May I please have every record restated word for word, with the images left out?

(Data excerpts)
- - - - -

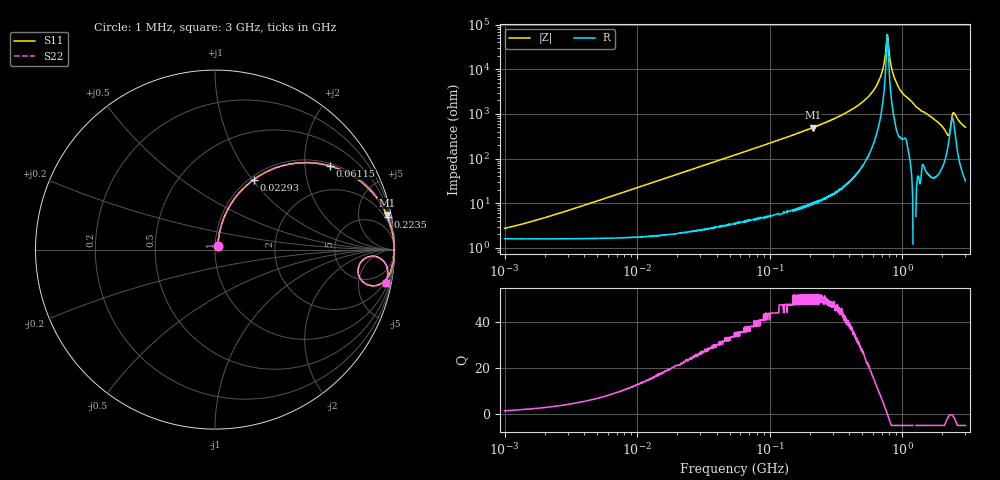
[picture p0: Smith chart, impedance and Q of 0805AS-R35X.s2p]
!s-Parameter Generated by FASTRON Sdn. Bhd.
!FASTRON P/N : 0805AS-R35X
!Keysight Technologies: E4991B_MY54100416_A.01.15
!Date: Mon Jun 15 12:54:38 2026
!Version  :Rev01  Mon Jun 15 12:54:38 2026
!Data & Calibration Information:
!Freq  S11  S21  S12  S22
!PortZ  Port1:50+j0  Port2:50+j0
!When reading reference impedance value at option line is always used.
! Remarks : This data is being provided solely for informational purposes.
# Hz S dB R 50
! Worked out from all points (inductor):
!   1601 points, 1 MHz to 3 GHz, reference 50 ohm
!   read as one part in series: L = 355 nH near 2.15 MHz
!   highest Q = 52.1 at 212.6 MHz (marker M1), where L = 371 nH
!   self-resonance near 773 MHz
!   S11 on the Smith chart (normalised r, x): 1 MHz: 1.03, +0.04; 22.93 MHz: 1.04, +1.02; 61.15 MHz: 1.08, +2.69; 223.5 MHz: 1, +11; 3 GHz: 2, -10
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1000000  -31.40 53.1  -0.14 -1.3  -0.14 -1.3  -31.40 53.1
3804036  -21.50 74.5  -0.17 -4.8  -0.17 -4.8  -21.50 74.5
1.447069e7  -10.40 69.2  -0.57 -17.5  -0.57 -17.5  -10.40 69.2
2.293104e7  -7.03 61.1  -1.15 -26.4  -1.15 -26.4  -7.03 61.1
5.504702e7  -2.38 38.9  -4.05 -49.5  -4.05 -49.5  -2.38 38.9
6.114642e7  -2.02 36.0  -4.60 -52.4  -4.60 -52.4  -2.02 36.0
2.083556e8  -0.21 11.6  -13.90 -77.3  -13.90 -77.3  -0.21 11.6
2.125681e8  -0.21 11.4  -14.10 -77.5  -14.10 -77.5  -0.21 11.4
2.234756e8  -0.19 10.7  -14.60 -78.1  -14.60 -78.1  -0.19 10.7
3.973271e8  -0.05 4.9  -21.30 -83.6  -21.30 -83.6  -0.05 4.9
5.611759e8  -0.02 2.3  -28.00 -85.0  -28.00 -85.0  -0.02 2.3
6.685918e8  -0.02 1.0  -34.90 -82.9  -34.90 -82.9  -0.02 1.0
7.135306e8  -0.02 0.6  -39.90 -79.0  -39.90 -79.0  -0.02 0.6
7.576891e8  -0.01 0.1  -50.30 -56.1  -50.30 -56.1  -0.01 0.1
7.925923e8  -0.01 -0.2  -48.90 62.1  -48.90 62.1  -0.01 -0.2
8.672962e8  -0.02 -0.8  -36.70 82.1  -36.70 82.1  -0.02 -0.8
1.02815e9  -0.04 -2.1  -28.70 82.0  -28.70 82.0  -0.04 -2.1
1.837163e9  -0.17 -8.4  -16.70 78.1  -16.70 78.1  -0.17 -8.4
2.167021e9  -1.03 -13.0  -12.40 56.1  -12.40 56.1  -1.03 -13.0
2.244273e9  -1.81 -10.0  -12.20 35.1  -12.20 35.1  -1.81 -10.0
2.455801e9  -0.48 -4.2  -20.90 51.3  -20.90 51.3  -0.48 -4.2
3e9  -0.27 -11.1  -14.30 75.3  -14.30 75.3  -0.27 -11.1
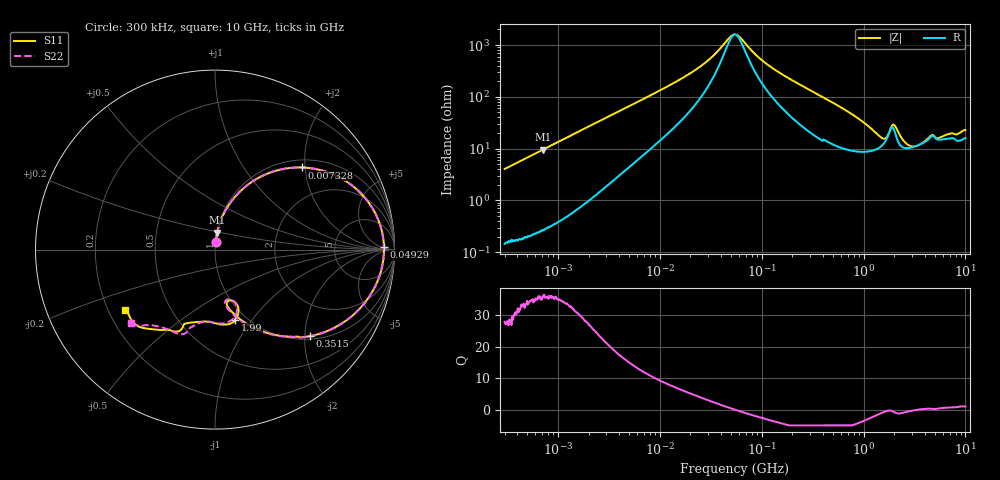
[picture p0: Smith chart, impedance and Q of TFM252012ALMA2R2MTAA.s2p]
! S-Parameter Data Generated by TDK Corporation
! Copyright(C) 2019 TDK Corporation.
! All Rights Reserved.
! TDK P/N: TFM252012ALMA2R2MTAA (Inductor)
! Property: L=2.2uH at 1MHz
! Size(LxWxT): 2.5x2x1.2mm
! Model Type: s2p (Touchstone File Format Version 1.0)
! Frequency: DC=Yes Start=0.3MHz Stop=10000MHz 802points Log-sweep
! Model Generated on May 10, 2019
! Port Assignments:
!  1 ---@@@--- 2
! Applicable Conditions:
!  Temperature = 25 degC
!  DC Bias Current = 0 A
!  Small Signal Operation
! Terms and conditions regarding TDK Simulation Models
! (1)This simulation model is being provided solely for informational purposes. Please refer to the specifications of the products in terms of detailed characteristics of such products.
! (2)In no event shall TDK Corporation of any of its subsidiaries be liable for any loss or damage arising, directly or indirectly,
!  From any information contained in this simulation model, including, but not limited to loss or damages arising from any inaccuracies, omissions or errors in connection with such information.
! (3)Any and all copyrights on this simulation model are owned by TDK Corporation.
!  Duplication or redistribution of this simulation model without prior written permission from TDK Corporation is prohibited.
! (4)This simulation model is subject to any modification or change without any prior notice.
! (5)Neither TDK Corporation nor any of its subsidiaries shall make any warranty, express or implied,
!  Including but not limited to the correctness, implied warranties of merchantability and fitness for a particular purpose with respect to this simulation models.
! (6)The use of this simulation model shall be deemed to have consented to the terms and conditions hereof.
# Hz S MA R 50
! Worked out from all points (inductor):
!   801 points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, 300 kHz to 10 GHz, reference 50 ohm
!   read as one part in series: L = 2.14 uH near 318.3 kHz
!   highest Q = 36 at 715.8 kHz (marker M1), where L = 2.13 uH
!   self-resonance near 54.85 MHz
!   S11 on the Smith chart (normalised r, x): 300 kHz: 1.00, +0.08; 7.328 MHz: 1.17, +1.93; 49.29 MHz: 31, +8; 351.5 MHz: 1.07, -2.12; 1.99 GHz: 0.89, -0.83; 10 GHz: 0.27, -0.28
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300000  0.04047 85.8  0.9977 -2.3  0.9975 -2.3  0.04059 85.8
715804  0.09527 83.0  0.993 -5.5  0.9927 -5.5  0.09529 82.9
1713600  0.2213 75.3  0.9678 -12.8  0.9676 -12.8  0.2213 75.3
3509086  0.4136 62.6  0.8891 -24.4  0.8891 -24.4  0.4135 62.6
7328194  0.6667 43.3  0.6901 -41.7  0.6902 -41.7  0.6666 43.3
9671944  0.7509 35.5  0.5866 -48.5  0.5866 -48.5  0.7508 35.5
2.504582e7  0.9152 12.9  0.2365 -62.9  0.2366 -62.9  0.915 12.8
4.929468e7  0.9415 0.9  0.06503 -25.6  0.06504 -25.6  0.9413 0.9
5.477226e7  0.9413 -0.8  0.05872 -1.2  0.05873 -1.2  0.9412 -0.9
1.210198e8  0.9079 -14.8  0.2337 58.6  0.2337 58.6  0.908 -14.9
3.126428e8  0.748 -38.8  0.5638 42.8  0.5638 42.8  0.7482 -39.0
3.514851e8  0.7153 -42.4  0.6059 39.5  0.6058 39.5  0.7156 -42.5
5.663179e8  0.5622 -56.7  0.748 25.0  0.748 25.0  0.5628 -56.9
9.101824e8  0.4173 -69.7  0.8354 9.9  0.8354 9.9  0.4185 -70.4
1.371335e9  0.324 -77.6  0.8596 -3.9  0.8596 -3.9  0.3215 -79.1
1.767019e9  0.303 -70.7  0.8015 -14.4  0.8015 -14.4  0.292 -72.5
1.990462e9  0.4053 -74.1  0.7424 -12.1  0.7424 -12.1  0.3963 -74.7
2.416286e9  0.4067 -91.8  0.8182 -16.3  0.8182 -16.3  0.4036 -93.3
3.303594e9  0.4178 -104.9  0.7997 -29.0  0.7997 -29.0  0.4211 -102.5
4.690952e9  0.4706 -112.6  0.7122 -43.1  0.7121 -43.2  0.4787 -108.4
6.899057e9  0.5613 -127.7  0.6437 -60.4  0.6437 -60.5  0.5508 -129.9
1e10  0.6059 -146.1  0.5468 -80.9  0.547 -81.0  0.6225 -139.0

- - - - -

-- Expected output --
[picture p0: Smith chart, impedance and Q of 0805AS-R35X.s2p]
!s-Parameter Generated by FASTRON Sdn. Bhd.
!FASTRON P/N : 0805AS-R35X
!Keysight Technologies: E4991B_MY54100416_A.01.15
!Date: Mon Jun 15 12:54:38 2026
!Version  :Rev01  Mon Jun 15 12:54:38 2026
!Data & Calibration Information:
!Freq  S11  S21  S12  S22
!PortZ  Port1:50+j0  Port2:50+j0
!When reading reference impedance value at option line is always used.
! Remarks : This data is being provided solely for informational purposes.
# Hz S dB R 50
! Worked out from all points (inductor):
!   1601 points, 1 MHz to 3 GHz, reference 50 ohm
!   read as one part in series: L = 355 nH near 2.15 MHz
!   highest Q = 52.1 at 212.6 MHz (marker M1), where L = 371 nH
!   self-resonance near 773 MHz
!   S11 on the Smith chart (normalised r, x): 1 MHz: 1.03, +0.04; 22.93 MHz: 1.04, +1.02; 61.15 MHz: 1.08, +2.69; 223.5 MHz: 1, +11; 3 GHz: 2, -10
1000000  -31.40 53.1  -0.14 -1.3  -0.14 -1.3  -31.40 53.1
3804036  -21.50 74.5  -0.17 -4.8  -0.17 -4.8  -21.50 74.5
1.447069e7  -10.40 69.2  -0.57 -17.5  -0.57 -17.5  -10.40 69.2
2.293104e7  -7.03 61.1  -1.15 -26.4  -1.15 -26.4  -7.03 61.1
5.504702e7  -2.38 38.9  -4.05 -49.5  -4.05 -49.5  -2.38 38.9
6.114642e7  -2.02 36.0  -4.60 -52.4  -4.60 -52.4  -2.02 36.0
2.083556e8  -0.21 11.6  -13.90 -77.3  -13.90 -77.3  -0.21 11.6
2.125681e8  -0.21 11.4  -14.10 -77.5  -14.10 -77.5  -0.21 11.4
2.234756e8  -0.19 10.7  -14.60 -78.1  -14.60 -78.1  -0.19 10.7
3.973271e8  -0.05 4.9  -21.30 -83.6  -21.30 -83.6  -0.05 4.9
5.611759e8  -0.02 2.3  -28.00 -85.0  -28.00 -85.0  -0.02 2.3
6.685918e8  -0.02 1.0  -34.90 -82.9  -34.90 -82.9  -0.02 1.0
7.135306e8  -0.02 0.6  -39.90 -79.0  -39.90 -79.0  -0.02 0.6
7.576891e8  -0.01 0.1  -50.30 -56.1  -50.30 -56.1  -0.01 0.1
7.925923e8  -0.01 -0.2  -48.90 62.1  -48.90 62.1  -0.01 -0.2
8.672962e8  -0.02 -0.8  -36.70 82.1  -36.70 82.1  -0.02 -0.8
1.02815e9  -0.04 -2.1  -28.70 82.0  -28.70 82.0  -0.04 -2.1
1.837163e9  -0.17 -8.4  -16.70 78.1  -16.70 78.1  -0.17 -8.4
2.167021e9  -1.03 -13.0  -12.40 56.1  -12.40 56.1  -1.03 -13.0
2.244273e9  -1.81 -10.0  -12.20 35.1  -12.20 35.1  -1.81 -10.0
2.455801e9  -0.48 -4.2  -20.90 51.3  -20.90 51.3  -0.48 -4.2
3e9  -0.27 -11.1  -14.30 75.3  -14.30 75.3  -0.27 -11.1
[picture p0: Smith chart, impedance and Q of TFM252012ALMA2R2MTAA.s2p]
! S-Parameter Data Generated by TDK Corporation
! Copyright(C) 2019 TDK Corporation.
! All Rights Reserved.
! TDK P/N: TFM252012ALMA2R2MTAA (Inductor)
! Property: L=2.2uH at 1MHz
! Size(LxWxT): 2.5x2x1.2mm
! Model Type: s2p (Touchstone File Format Version 1.0)
! Frequency: DC=Yes Start=0.3MHz Stop=10000MHz 802points Log-sweep
! Model Generated on May 10, 2019
! Port Assignments:
!  1 ---@@@--- 2
! Applicable Conditions:
!  Temperature = 25 degC
!  DC Bias Current = 0 A
!  Small Signal Operation
! Terms and conditions regarding TDK Simulation Models
! (1)This simulation model is being provided solely for informational purposes. Please refer to the specifications of the products in terms of detailed characteristics of such products.
! (2)In no event shall TDK Corporation of any of its subsidiaries be liable for any loss or damage arising, directly or indirectly,
!  From any information contained in this simulation model, including, but not limited to loss or damages arising from any inaccuracies, omissions or errors in connection with such information.
! (3)Any and all copyrights on this simulation model are owned by TDK Corporation.
!  Duplication or redistribution of this simulation model without prior written permission from TDK Corporation is prohibited.
! (4)This simulation model is subject to any modification or change without any prior notice.
! (5)Neither TDK Corporation nor any of its subsidiaries shall make any warranty, express or implied,
!  Including but not limited to the correctness, implied warranties of merchantability and fitness for a particular purpose with respect to this simulation models.
! (6)The use of this simulation model shall be deemed to have consented to the terms and conditions hereof.
# Hz S MA R 50
! Worked out from all points (inductor):
!   801 points, 300 kHz to 10 GHz, reference 50 ohm
!   read as one part in series: L = 2.14 uH near 318.3 kHz
!   highest Q = 36 at 715.8 kHz (marker M1), where L = 2.13 uH
!   self-resonance near 54.85 MHz
!   S11 on the Smith chart (normalised r, x): 300 kHz: 1.00, +0.08; 7.328 MHz: 1.17, +1.93; 49.29 MHz: 31, +8; 351.5 MHz: 1.07, -2.12; 1.99 GHz: 0.89, -0.83; 10 GHz: 0.27, -0.28
300000  0.04047 85.8  0.9977 -2.3  0.9975 -2.3  0.04059 85.8
715804  0.09527 83.0  0.993 -5.5  0.9927 -5.5  0.09529 82.9
1713600  0.2213 75.3  0.9678 -12.8  0.9676 -12.8  0.2213 75.3
3509086  0.4136 62.6  0.8891 -24.4  0.8891 -24.4  0.4135 62.6
7328194  0.6667 43.3  0.6901 -41.7  0.6902 -41.7  0.6666 43.3
9671944  0.7509 35.5  0.5866 -48.5  0.5866 -48.5  0.7508 35.5
2.504582e7  0.9152 12.9  0.2365 -62.9  0.2366 -62.9  0.915 12.8
4.929468e7  0.9415 0.9  0.06503 -25.6  0.06504 -25.6  0.9413 0.9
5.477226e7  0.9413 -0.8  0.05872 -1.2  0.05873 -1.2  0.9412 -0.9
1.210198e8  0.9079 -14.8  0.2337 58.6  0.2337 58.6  0.908 -14.9
3.126428e8  0.748 -38.8  0.5638 42.8  0.5638 42.8  0.7482 -39.0
3.514851e8  0.7153 -42.4  0.6059 39.5  0.6058 39.5  0.7156 -42.5
5.663179e8  0.5622 -56.7  0.748 25.0  0.748 25.0  0.5628 -56.9
9.101824e8  0.4173 -69.7  0.8354 9.9  0.8354 9.9  0.4185 -70.4
1.371335e9  0.324 -77.6  0.8596 -3.9  0.8596 -3.9  0.3215 -79.1
1.767019e9  0.303 -70.7  0.8015 -14.4  0.8015 -14.4  0.292 -72.5
1.990462e9  0.4053 -74.1  0.7424 -12.1  0.7424 -12.1  0.3963 -74.7
2.416286e9  0.4067 -91.8  0.8182 -16.3  0.8182 -16.3  0.4036 -93.3
3.303594e9  0.4178 -104.9  0.7997 -29.0  0.7997 -29.0  0.4211 -102.5
4.690952e9  0.4706 -112.6  0.7122 -43.1  0.7121 -43.2  0.4787 -108.4
6.899057e9  0.5613 -127.7  0.6437 -60.4  0.6437 -60.5  0.5508 -129.9
1e10  0.6059 -146.1  0.5468 -80.9  0.547 -81.0  0.6225 -139.0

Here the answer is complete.